* [WHAT NEEDS TO BE DONE]:
Every line containing the word "STEP" is to be copied from the data below.

Dataset excerpts
-.-.-

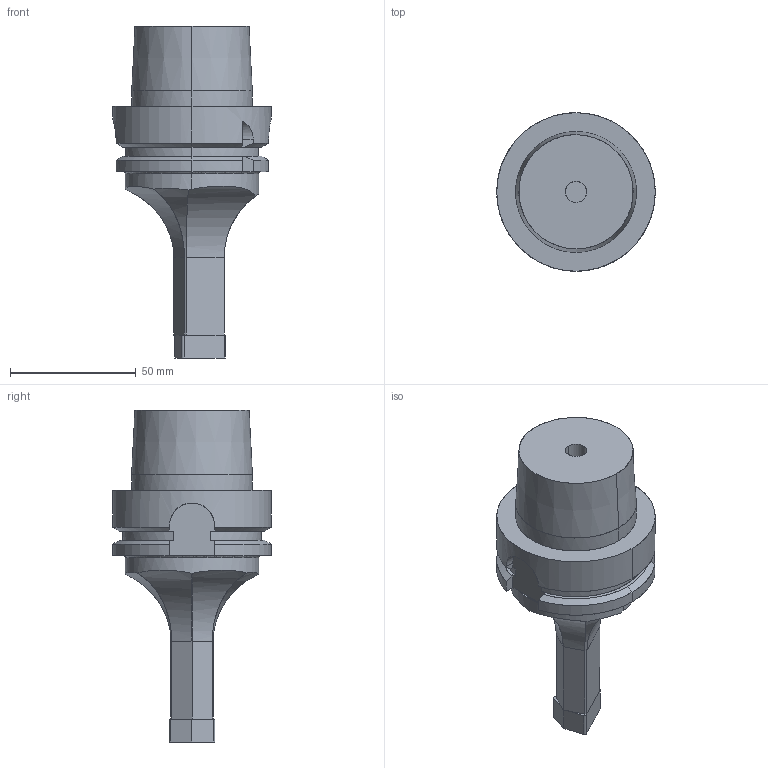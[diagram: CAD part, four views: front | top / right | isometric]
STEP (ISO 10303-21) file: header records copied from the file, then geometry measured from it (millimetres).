
FILE_DESCRIPTION(('OPEN MIND Model'),'2;1');
FILE_NAME('OPEN MIND Shape Model','2021-08-23T11:09:00',('Author'),( 'hyperCAD-S '),'hyperCAD-S STEP processor 6.6','hyperCAD-S 1.0' ,'Unknown');
FILE_SCHEMA(('AUTOMOTIVE_DESIGN { 1 0 10303 214 1 1 1 1 }'));
Length unit declared in the file: millimetre
Products named in the file (87): Product 2; Product 2.1; Product 2.2; Product 2.3; Product 2.4; Product 2.5; Product 2.6; Product 2.7; Product 2.8; Product 2.9; Product 2.10; Product 2.11; Product 2.12; Product 2.13; Product 2.14; Product 2.15; Product 2.16; Product 2.17; Product 2.18; Product 2.19; Product 2.20; Product 2.21; Product 2.22; Product 2.23; Product 2.24; Product 2.25; Product 2.26; Product 2.27; Product 2.28; Product 2.29; Product 2.30; Product 2.31; Product 2.32; Product 2.33; Product 2.34; Product 2.35; Product 2.36; Product 2.37; Product 2.38; Product 2.39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
Assembly tree (86 placements, depth 2):
  Product 2
    Product 2.1
    Product 2.2
    Product 2.3
    Product 2.4
    Product 2.5
    Product 2.6
    Product 2.7
    Product 2.8
    Product 2.9
    Product 2.10
    Product 2.11
    Product 2.12
    Product 2.13
    Product 2.14
    Product 2.15
    Product 2.16
    Product 2.17
    Product 2.18
    Product 2.19
    Product 2.20
    Product 2.21
    Product 2.22
    Product 2.23
    Product 2.24
    Product 2.25
    Product 2.26
    Product 2.27
    Product 2.28
    Product 2.29
    Product 2.30
    Product 2.31
    Product 2.32
    Product 2.33
    Product 2.34
    Product 2.35
    Product 2.36
    Product 2.37
    Product 2.38
    Product 2.39
    Product 2.40
    Product 2.41
    Product 2.42
    Product 2.43
    Product 2.44
    Product 2.45
    Product 2.46
    Product 2.47
    Product 2.48
    Product 2.49
    Product 2.50
    Product 2.51
    Product 2.52
    Product 2.53
    Product 2.54
    Product 2.55
    Product 2.56
    Product 2.57
    Product 2.58
    Product 2.59
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Bounding box: 63 x 63 x 132 mm (x, y, z)
Volume: 1776.5 mm3; surface area: 23206.5 mm2
Topology: 1 solids, 78 shells, 86 faces, 431 edges, 432 vertices
Faces by surface type: plane 38, cylinder 32, revolution 16
Entity records: 11689 total; most frequent: CARTESIAN_POINT 5698, B_SPLINE_CURVE_WITH_KNOTS 726, ORIENTED_EDGE 445, PCURVE 445, DEFINITIONAL_REPRESENTATION 445, EDGE_CURVE 424, SURFACE_CURVE 424, VERTEX_POINT 417

-.-.-

* [EXERCISE ANSWER]:
STEP (ISO 10303-21) file: header records copied from the file, then geometry measured from it (millimetres).
FILE_NAME('OPEN MIND Shape Model','2021-08-23T11:09:00',('Author'),( 'hyperCAD-S '),'hyperCAD-S STEP processor 6.6','hyperCAD-S 1.0' ,'Unknown');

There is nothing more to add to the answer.